= Requirement =
Copy out, exactly and with nothing else, the stretch of lines that starts at the line containing "msp.add_text(s, height=1.2, dxfattribs=at).set_placement(p)" and finishes at the end of the data.

Data items
++++++++++++++++++++
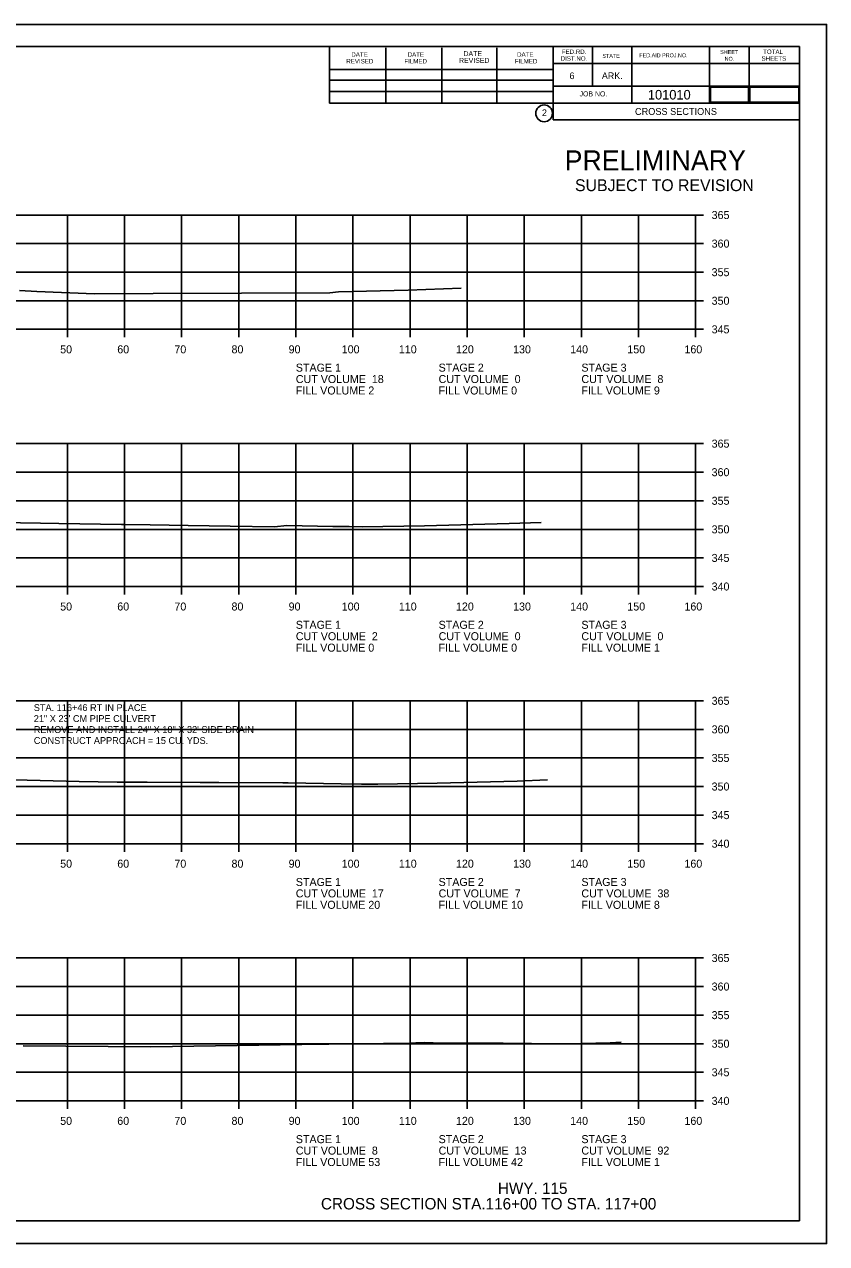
# Model space of a CAD drawing. Extents: x 1630712 to 1632516, y 782146 to 785403.
# Drawn here: x 1632375.4 to 1632515.9, y 785190 to 785403.3 of the extents above; entities that cross this region are included whole.
import ezdxf

# ---------------------------------------------------------------- set-up
doc = ezdxf.new("R2010")
doc.units = 0
for name, color, linetype in [('Page Number', 7, 'Continuous'), ('R_Axis', 7, 'Continuous'), ('R_Axis Annot', 7, 'Continuous'), ('R_Border', 7, 'Continuous'), ('R_Border Notes', 7, 'Continuous'), ('R_Border Prem', 7, 'Continuous'), ('R_Culvert Temporary Annot', 7, 'Continuous'), ('R_Draft', 7, 'Continuous'), ('R_Exist Surface', 7, 'Continuous'), ('R_Grid', 7, 'Continuous'), ('R_No Plot', 7, 'Continuous'), ('Total_Pages', 7, 'Continuous')]:
    doc.layers.add(name, color=color, linetype=linetype)

msp = doc.modelspace()

# ---------------------------------------------------------------- linework, layer by layer
at = {"layer": 'Page Number'}
msp.add_lwpolyline([(1632495.54, 785389.71), (1632502.21, 785389.71), (1632502.21, 785392.35), (1632495.54, 785392.35)], close=True, dxfattribs=at)
at = {"layer": 'R_Axis'}
for p, q in [((1632492.96, 785349.98), (1632492.96, 785369.98)), ((1632494.36, 785369.98), (1632492.96, 785369.98)), ((1632494.36, 785364.98), (1632492.96, 785364.98)), ((1632494.36, 785359.98), (1632492.96, 785359.98)), ((1632494.36, 785354.98), (1632492.96, 785354.98)), ((1632212.96, 785349.98), (1632492.96, 785349.98)), ((1632382.96, 785348.58), (1632382.96, 785349.98)), ((1632392.96, 785348.58), (1632392.96, 785349.98)), ((1632402.96, 785348.58), (1632402.96, 785349.98)), ((1632412.96, 785348.58), (1632412.96, 785349.98)), ((1632422.96, 785348.58), (1632422.96, 785349.98)), ((1632432.96, 785348.58), (1632432.96, 785349.98)), ((1632442.96, 785348.58), (1632442.96, 785349.98)), ((1632452.96, 785348.58), (1632452.96, 785349.98)), ((1632462.96, 785348.58), (1632462.96, 785349.98)), ((1632472.96, 785348.58), (1632472.96, 785349.98)), ((1632482.96, 785348.58), (1632482.96, 785349.98)), ((1632492.96, 785348.58), (1632492.96, 785349.98)), ((1632494.36, 785349.98), (1632492.96, 785349.98)), ((1632492.96, 785304.98), (1632492.96, 785329.98)), ((1632494.36, 785329.98), (1632492.96, 785329.98)), ((1632494.36, 785324.98), (1632492.96, 785324.98)), ((1632494.36, 785319.98), (1632492.96, 785319.98)), ((1632494.36, 785314.98), (1632492.96, 785314.98)), ((1632494.36, 785309.98), (1632492.96, 785309.98)), ((1632212.96, 785304.98), (1632492.96, 785304.98)), ((1632382.96, 785303.58), (1632382.96, 785304.98)), ((1632392.96, 785303.58), (1632392.96, 785304.98)), ((1632402.96, 785303.58), (1632402.96, 785304.98)), ((1632412.96, 785303.58), (1632412.96, 785304.98)), ((1632422.96, 785303.58), (1632422.96, 785304.98)), ((1632432.96, 785303.58), (1632432.96, 785304.98)), ((1632442.96, 785303.58), (1632442.96, 785304.98)), ((1632452.96, 785303.58), (1632452.96, 785304.98)), ((1632462.96, 785303.58), (1632462.96, 785304.98)), ((1632472.96, 785303.58), (1632472.96, 785304.98)), ((1632482.96, 785303.58), (1632482.96, 785304.98)), ((1632492.96, 785303.58), (1632492.96, 785304.98)), ((1632494.36, 785304.98), (1632492.96, 785304.98)), ((1632492.96, 785259.98), (1632492.96, 785284.98)), ((1632494.36, 785284.98), (1632492.96, 785284.98)), ((1632494.36, 785279.98), (1632492.96, 785279.98)), ((1632494.36, 785274.98), (1632492.96, 785274.98)), ((1632494.36, 785269.98), (1632492.96, 785269.98)), ((1632494.36, 785264.98), (1632492.96, 785264.98)), ((1632212.96, 785259.98), (1632492.96, 785259.98)), ((1632382.96, 785258.58), (1632382.96, 785259.98)), ((1632392.96, 785258.58), (1632392.96, 785259.98)), ((1632402.96, 785258.58), (1632402.96, 785259.98)), ((1632412.96, 785258.58), (1632412.96, 785259.98)), ((1632422.96, 785258.58), (1632422.96, 785259.98)), ((1632432.96, 785258.58), (1632432.96, 785259.98)), ((1632442.96, 785258.58), (1632442.96, 785259.98)), ((1632452.96, 785258.58), (1632452.96, 785259.98)), ((1632462.96, 785258.58), (1632462.96, 785259.98)), ((1632472.96, 785258.58), (1632472.96, 785259.98)), ((1632482.96, 785258.58), (1632482.96, 785259.98)), ((1632492.96, 785258.58), (1632492.96, 785259.98)), ((1632494.36, 785259.98), (1632492.96, 785259.98)), ((1632492.96, 785214.98), (1632492.96, 785239.98)), ((1632494.36, 785239.98), (1632492.96, 785239.98)), ((1632494.36, 785234.98), (1632492.96, 785234.98)), ((1632494.36, 785229.98), (1632492.96, 785229.98)), ((1632494.36, 785224.98), (1632492.96, 785224.98)), ((1632494.36, 785219.98), (1632492.96, 785219.98)), ((1632212.96, 785214.98), (1632492.96, 785214.98)), ((1632382.96, 785213.58), (1632382.96, 785214.98)), ((1632392.96, 785213.58), (1632392.96, 785214.98)), ((1632402.96, 785213.58), (1632402.96, 785214.98)), ((1632412.96, 785213.58), (1632412.96, 785214.98)), ((1632422.96, 785213.58), (1632422.96, 785214.98)), ((1632432.96, 785213.58), (1632432.96, 785214.98)), ((1632442.96, 785213.58), (1632442.96, 785214.98)), ((1632452.96, 785213.58), (1632452.96, 785214.98)), ((1632462.96, 785213.58), (1632462.96, 785214.98)), ((1632472.96, 785213.58), (1632472.96, 785214.98)), ((1632482.96, 785213.58), (1632482.96, 785214.98)), ((1632492.96, 785213.58), (1632492.96, 785214.98)), ((1632494.36, 785214.98), (1632492.96, 785214.98))]:
    msp.add_line(p, q, dxfattribs=at)
at = {"layer": 'R_Border'}
for p, q in [((1632194.96, 785399.44), (1632511.14, 785399.44)), ((1632428.88, 785389.56), (1632428.88, 785399.44)), ((1632438.74, 785389.56), (1632438.74, 785399.24)), ((1632448.5, 785389.56), (1632448.5, 785399.24)), ((1632458.18, 785389.56), (1632458.18, 785399.24)), ((1632468.04, 785399.44), (1632468.04, 785386.64)), ((1632474.88, 785399.44), (1632474.88, 785392.5)), ((1632481.82, 785399.44), (1632481.82, 785389.56)), ((1632495.4, 785399.44), (1632495.4, 785389.56)), ((1632502.34, 785399.44), (1632502.34, 785389.56)), ((1632511.14, 785193.98), (1632511.14, 785399.44)), ((1632511.14, 785396.5), (1632468.04, 785396.5)), ((1632511.14, 785396.52), (1632511.14, 785396.52)), ((1632428.88, 785395.42), (1632468.04, 785395.42)), ((1632428.88, 785393.56), (1632468.04, 785393.56)), ((1632511.14, 785392.5), (1632468.04, 785392.5)), ((1632471, 785392.5), (1632511.14, 785392.5)), ((1632428.88, 785389.56), (1632428.88, 785391.62)), ((1632428.88, 785391.62), (1632468.04, 785391.62)), ((1632511.14, 785389.56), (1632428.88, 785389.56)), ((1632468.04, 785386.64), (1632511.14, 785386.64)), ((1632511.14, 785193.98), (1632194.96, 785193.98))]:
    msp.add_line(p, q, dxfattribs=at)
msp.add_circle((1632466.43, 785387.78), 1.47, dxfattribs=at)
at = {"layer": 'R_Exist Surface'}
for points in [[(1632374.61, 785356.75), (1632377.59, 785356.62), (1632387.7, 785356.21), (1632397.98, 785356.25), (1632428.89, 785356.39), (1632430.41, 785356.53), (1632442.63, 785356.85), (1632451.91, 785357.18)], [(1632367.65, 785316.25), (1632378.23, 785316.07), (1632381.45, 785315.98), (1632392.45, 785315.83), (1632393.09, 785315.82), (1632397.47, 785315.8), (1632404.11, 785315.66), (1632411.46, 785315.56), (1632419.2, 785315.43), (1632421.39, 785315.63), (1632429.47, 785315.48), (1632432.28, 785315.46), (1632434.57, 785315.44), (1632445.5, 785315.62), (1632460.31, 785316), (1632465.91, 785316.2)], [(1632373.64, 785271.16), (1632385.05, 785270.84), (1632391.69, 785270.74), (1632396.94, 785270.72), (1632406.22, 785270.68), (1632409.5, 785270.66), (1632420.68, 785270.61), (1632421.61, 785270.62), (1632430.88, 785270.45), (1632434.44, 785270.42), (1632437.33, 785270.4), (1632447.69, 785270.57), (1632461.73, 785270.94), (1632467.03, 785271.13)], [(1632375.2, 785224.6), (1632397.58, 785224.46), (1632423.99, 785224.86), (1632443.02, 785225.09), (1632443.95, 785225.15), (1632445.52, 785225.17), (1632447.03, 785225.14), (1632459.25, 785225.05), (1632469.16, 785224.97), (1632472.91, 785225.03), (1632477.99, 785225.16), (1632479.92, 785225.23)]]:
    msp.add_lwpolyline(points, dxfattribs=at)
at = {"layer": 'R_Grid'}
for p, q in [((1632212.96, 785369.98), (1632492.96, 785369.98)), ((1632382.96, 785349.98), (1632382.96, 785369.98)), ((1632392.96, 785349.98), (1632392.96, 785369.98)), ((1632402.96, 785349.98), (1632402.96, 785369.98)), ((1632412.96, 785349.98), (1632412.96, 785369.98)), ((1632422.96, 785349.98), (1632422.96, 785369.98)), ((1632432.96, 785349.98), (1632432.96, 785369.98)), ((1632442.96, 785349.98), (1632442.96, 785369.98)), ((1632452.96, 785349.98), (1632452.96, 785369.98)), ((1632462.96, 785349.98), (1632462.96, 785369.98)), ((1632472.96, 785349.98), (1632472.96, 785369.98)), ((1632482.96, 785349.98), (1632482.96, 785369.98)), ((1632492.96, 785349.98), (1632492.96, 785369.98)), ((1632212.96, 785364.98), (1632492.96, 785364.98)), ((1632212.96, 785359.98), (1632492.96, 785359.98)), ((1632212.96, 785354.98), (1632492.96, 785354.98)), ((1632212.96, 785349.98), (1632492.96, 785349.98)), ((1632212.96, 785329.98), (1632492.96, 785329.98)), ((1632382.96, 785304.98), (1632382.96, 785329.98)), ((1632392.96, 785304.98), (1632392.96, 785329.98)), ((1632402.96, 785304.98), (1632402.96, 785329.98)), ((1632412.96, 785304.98), (1632412.96, 785329.98)), ((1632422.96, 785304.98), (1632422.96, 785329.98)), ((1632432.96, 785304.98), (1632432.96, 785329.98)), ((1632442.96, 785304.98), (1632442.96, 785329.98)), ((1632452.96, 785304.98), (1632452.96, 785329.98)), ((1632462.96, 785304.98), (1632462.96, 785329.98)), ((1632472.96, 785304.98), (1632472.96, 785329.98)), ((1632482.96, 785304.98), (1632482.96, 785329.98)), ((1632492.96, 785304.98), (1632492.96, 785329.98)), ((1632212.96, 785324.98), (1632492.96, 785324.98)), ((1632212.96, 785319.98), (1632492.96, 785319.98)), ((1632212.96, 785314.98), (1632492.96, 785314.98)), ((1632212.96, 785309.98), (1632492.96, 785309.98)), ((1632212.96, 785304.98), (1632492.96, 785304.98)), ((1632212.96, 785284.98), (1632492.96, 785284.98)), ((1632382.96, 785259.98), (1632382.96, 785284.98)), ((1632392.96, 785259.98), (1632392.96, 785284.98)), ((1632402.96, 785259.98), (1632402.96, 785284.98)), ((1632412.96, 785259.98), (1632412.96, 785284.98)), ((1632422.96, 785259.98), (1632422.96, 785284.98)), ((1632432.96, 785259.98), (1632432.96, 785284.98)), ((1632442.96, 785259.98), (1632442.96, 785284.98)), ((1632452.96, 785259.98), (1632452.96, 785284.98)), ((1632462.96, 785259.98), (1632462.96, 785284.98)), ((1632472.96, 785259.98), (1632472.96, 785284.98)), ((1632482.96, 785259.98), (1632482.96, 785284.98)), ((1632492.96, 785259.98), (1632492.96, 785284.98)), ((1632212.96, 785279.98), (1632492.96, 785279.98)), ((1632212.96, 785274.98), (1632492.96, 785274.98)), ((1632212.96, 785269.98), (1632492.96, 785269.98)), ((1632212.96, 785264.98), (1632492.96, 785264.98)), ((1632212.96, 785259.98), (1632492.96, 785259.98)), ((1632212.96, 785239.98), (1632492.96, 785239.98)), ((1632382.96, 785214.98), (1632382.96, 785239.98)), ((1632392.96, 785214.98), (1632392.96, 785239.98)), ((1632402.96, 785214.98), (1632402.96, 785239.98)), ((1632412.96, 785214.98), (1632412.96, 785239.98)), ((1632422.96, 785214.98), (1632422.96, 785239.98)), ((1632432.96, 785214.98), (1632432.96, 785239.98)), ((1632442.96, 785214.98), (1632442.96, 785239.98)), ((1632452.96, 785214.98), (1632452.96, 785239.98)), ((1632462.96, 785214.98), (1632462.96, 785239.98)), ((1632472.96, 785214.98), (1632472.96, 785239.98)), ((1632482.96, 785214.98), (1632482.96, 785239.98)), ((1632492.96, 785214.98), (1632492.96, 785239.98)), ((1632212.96, 785234.98), (1632492.96, 785234.98)), ((1632212.96, 785229.98), (1632492.96, 785229.98)), ((1632212.96, 785224.98), (1632492.96, 785224.98)), ((1632212.96, 785219.98), (1632492.96, 785219.98)), ((1632212.96, 785214.98), (1632492.96, 785214.98))]:
    msp.add_line(p, q, dxfattribs=at)
at = {"layer": 'R_No Plot'}
for p, q in [((1632182.56, 785403.34), (1632515.9, 785403.34)), ((1632182.56, 785190), (1632515.9, 785190))]:
    msp.add_line(p, q, dxfattribs=at)
msp.add_lwpolyline([(1632182.56, 785403.34), (1632515.9, 785403.34), (1632515.9, 785190), (1632182.56, 785190)], close=True, dxfattribs=at)
at = {"layer": 'Total_Pages'}
msp.add_lwpolyline([(1632502.44, 785389.71), (1632511.05, 785389.71), (1632511.05, 785392.35), (1632502.44, 785392.35)], close=True, dxfattribs=at)

# ---------------------------------------------------------------- texts
at = {"layer": 'R_Axis Annot'}
for s, p in [('365', (1632495.76, 785369.28)), ('360', (1632495.76, 785364.28)), ('355', (1632495.76, 785359.28)), ('350', (1632495.76, 785354.28)), ('345', (1632495.76, 785349.28)), ('50', (1632381.7, 785345.78)), ('60', (1632391.7, 785345.78)), ('70', (1632401.7, 785345.78)), ('80', (1632411.7, 785345.78)), ('90', (1632421.7, 785345.78)), ('100', (1632431, 785345.78)), ('110', (1632441, 785345.78)), ('120', (1632451, 785345.78)), ('130', (1632461, 785345.78)), ('140', (1632471, 785345.78)), ('150', (1632481, 785345.78)), ('160', (1632491, 785345.78)), ('STAGE 1', (1632422.96, 785342.58)), ('STAGE 2', (1632447.96, 785342.58)), ('STAGE 3', (1632472.96, 785342.58)), ('CUT VOLUME  18', (1632422.96, 785340.58)), ('CUT VOLUME  0', (1632447.96, 785340.58)), ('CUT VOLUME  8', (1632472.96, 785340.58)), ('FILL VOLUME 2', (1632422.96, 785338.58)), ('FILL VOLUME 0', (1632447.96, 785338.58)), ('FILL VOLUME 9', (1632472.96, 785338.58)), ('365', (1632495.76, 785329.28)), ('360', (1632495.76, 785324.28)), ('355', (1632495.76, 785319.28)), ('350', (1632495.76, 785314.28)), ('345', (1632495.76, 785309.28)), ('340', (1632495.76, 785304.28)), ('50', (1632381.7, 785300.78)), ('60', (1632391.7, 785300.78)), ('70', (1632401.7, 785300.78)), ('80', (1632411.7, 785300.78)), ('90', (1632421.7, 785300.78)), ('100', (1632431, 785300.78)), ('110', (1632441, 785300.78)), ('120', (1632451, 785300.78)), ('130', (1632461, 785300.78)), ('140', (1632471, 785300.78)), ('150', (1632481, 785300.78)), ('160', (1632491, 785300.78)), ('STAGE 1', (1632422.96, 785297.58)), ('STAGE 2', (1632447.96, 785297.58)), ('STAGE 3', (1632472.96, 785297.58)), ('CUT VOLUME  2', (1632422.96, 785295.58)), ('CUT VOLUME  0', (1632447.96, 785295.58)), ('CUT VOLUME  0', (1632472.96, 785295.58)), ('FILL VOLUME 0', (1632422.96, 785293.58)), ('FILL VOLUME 0', (1632447.96, 785293.58)), ('FILL VOLUME 1', (1632472.96, 785293.58)), ('365', (1632495.76, 785284.28)), ('360', (1632495.76, 785279.28)), ('355', (1632495.76, 785274.28)), ('350', (1632495.76, 785269.28)), ('345', (1632495.76, 785264.28)), ('340', (1632495.76, 785259.28)), ('50', (1632381.7, 785255.78)), ('60', (1632391.7, 785255.78)), ('70', (1632401.7, 785255.78)), ('80', (1632411.7, 785255.78)), ('90', (1632421.7, 785255.78)), ('100', (1632431, 785255.78)), ('110', (1632441, 785255.78)), ('120', (1632451, 785255.78)), ('130', (1632461, 785255.78)), ('140', (1632471, 785255.78)), ('150', (1632481, 785255.78)), ('160', (1632491, 785255.78)), ('STAGE 1', (1632422.96, 785252.58)), ('STAGE 2', (1632447.96, 785252.58)), ('STAGE 3', (1632472.96, 785252.58)), ('CUT VOLUME  17', (1632422.96, 785250.58)), ('CUT VOLUME  7', (1632447.96, 785250.58)), ('CUT VOLUME  38', (1632472.96, 785250.58)), ('FILL VOLUME 20', (1632422.96, 785248.58)), ('FILL VOLUME 10', (1632447.96, 785248.58)), ('FILL VOLUME 8', (1632472.96, 785248.58)), ('365', (1632495.76, 785239.28)), ('360', (1632495.76, 785234.28)), ('355', (1632495.76, 785229.28)), ('350', (1632495.76, 785224.28)), ('345', (1632495.76, 785219.28)), ('340', (1632495.76, 785214.28)), ('50', (1632381.7, 785210.78)), ('60', (1632391.7, 785210.78)), ('70', (1632401.7, 785210.78)), ('80', (1632411.7, 785210.78)), ('90', (1632421.7, 785210.78)), ('100', (1632431, 785210.78)), ('110', (1632441, 785210.78)), ('120', (1632451, 785210.78)), ('130', (1632461, 785210.78)), ('140', (1632471, 785210.78)), ('150', (1632481, 785210.78)), ('160', (1632491, 785210.78)), ('STAGE 1', (1632422.96, 785207.58)), ('STAGE 2', (1632447.96, 785207.58)), ('STAGE 3', (1632472.96, 785207.58)), ('CUT VOLUME  8', (1632422.96, 785205.58)), ('CUT VOLUME  13', (1632447.96, 785205.58)), ('CUT VOLUME  92', (1632472.96, 785205.58)), ('FILL VOLUME 53', (1632422.96, 785203.58)), ('FILL VOLUME 42', (1632447.96, 785203.58)), ('FILL VOLUME 1', (1632472.96, 785203.58))]:
    msp.add_text(s, height=1.4, dxfattribs=at).set_placement(p)
at = {"layer": 'R_Border'}
for s, height, p in [('DATE', 0.782, (1632432.68, 785397.68)), ('DATE', 0.782, (1632442.54, 785397.68)), ('DATE', 0.879, (1632452.32, 785397.78)), ('DATE', 0.782, (1632461.7, 785397.68)), ('FED.RD.', 0.782, (1632469.52, 785398.16)), ('STATE', 0.684, (1632476.64, 785397.48)), ('FED.AID PROJ.NO.', 0.684, (1632483.1, 785397.58)), ('SHEET', 0.684, (1632497.26, 785398.16)), ('TOTAL', 0.782, (1632504.78, 785398.16)), ('REVISED', 0.782, (1632431.8, 785396.5)), ('FILMED', 0.782, (1632441.96, 785396.5)), ('REVISED', 0.879, (1632451.54, 785396.6)), ('FILMED', 0.782, (1632461.3, 785396.5)), ('DIST.NO.', 0.782, (1632469.32, 785396.98)), ('NO.', 0.684, (1632498.04, 785396.98)), ('SHEETS', 0.782, (1632504.5, 785396.98)), ('6', 1.17, (1632470.88, 785393.76)), ('ARK.', 1.172, (1632476.54, 785393.76)), ('JOB NO.', 0.879, (1632472.64, 785390.74)), ('2', 1.17, (1632466.05, 785387.29))]:
    msp.add_text(s, height=height, rotation=360, dxfattribs=at).set_placement(p)
at = {"layer": 'R_Border Notes'}
for s, height, p in [('101010', 1.68, (1632484.6, 785390.19)), ('CROSS SECTIONS', 1.2, (1632482.34, 785387.5))]:
    msp.add_text(s, height=height, dxfattribs=at).set_placement(p)
at = {"layer": 'R_Border Prem'}
for s, height, p in [('PRELIMINARY', 3.5, (1632470.03, 785377.79)), ('SUBJECT TO REVISION', 2.0751, (1632471.84, 785374.16))]:
    msp.add_text(s, height=height, rotation=360, dxfattribs=at).set_placement(p)
at = {"layer": 'R_Culvert Temporary Annot'}
for s, p in [('STA. 116+46 RT IN PLACE', (1632377.08, 785283.19)), ('21" X 23\' CM PIPE CULVERT', (1632377.08, 785281.27)), ('CONSTRUCT APPROACH = 15 CU. YDS.', (1632377.08, 785277.43)), ('REMOVE AND INSTALL 24" X 18" X 32\' SIDE DRAIN', (1632377.08, 785279.35))]:
    msp.add_text(s, height=1.2, dxfattribs=at).set_placement(p)
at = {"layer": 'R_Draft'}
for s, p in [('HWY. 115', (1632458.34, 785198.69)), ('CROSS SECTION STA.116+00 TO STA. 117+00', (1632427.36, 785195.98))]:
    msp.add_text(s, height=2, dxfattribs=at).set_placement(p)

doc.saveas('drawing.dxf')
++++++++++++++++++++
= Result for this task =
    msp.add_text(s, height=1.2, dxfattribs=at).set_placement(p)
at = {"layer": 'R_Draft'}
for s, p in [('HWY. 115', (1632458.34, 785198.69)), ('CROSS SECTION STA.116+00 TO STA. 117+00', (1632427.36, 785195.98))]:
    msp.add_text(s, height=2, dxfattribs=at).set_placement(p)

doc.saveas('drawing.dxf')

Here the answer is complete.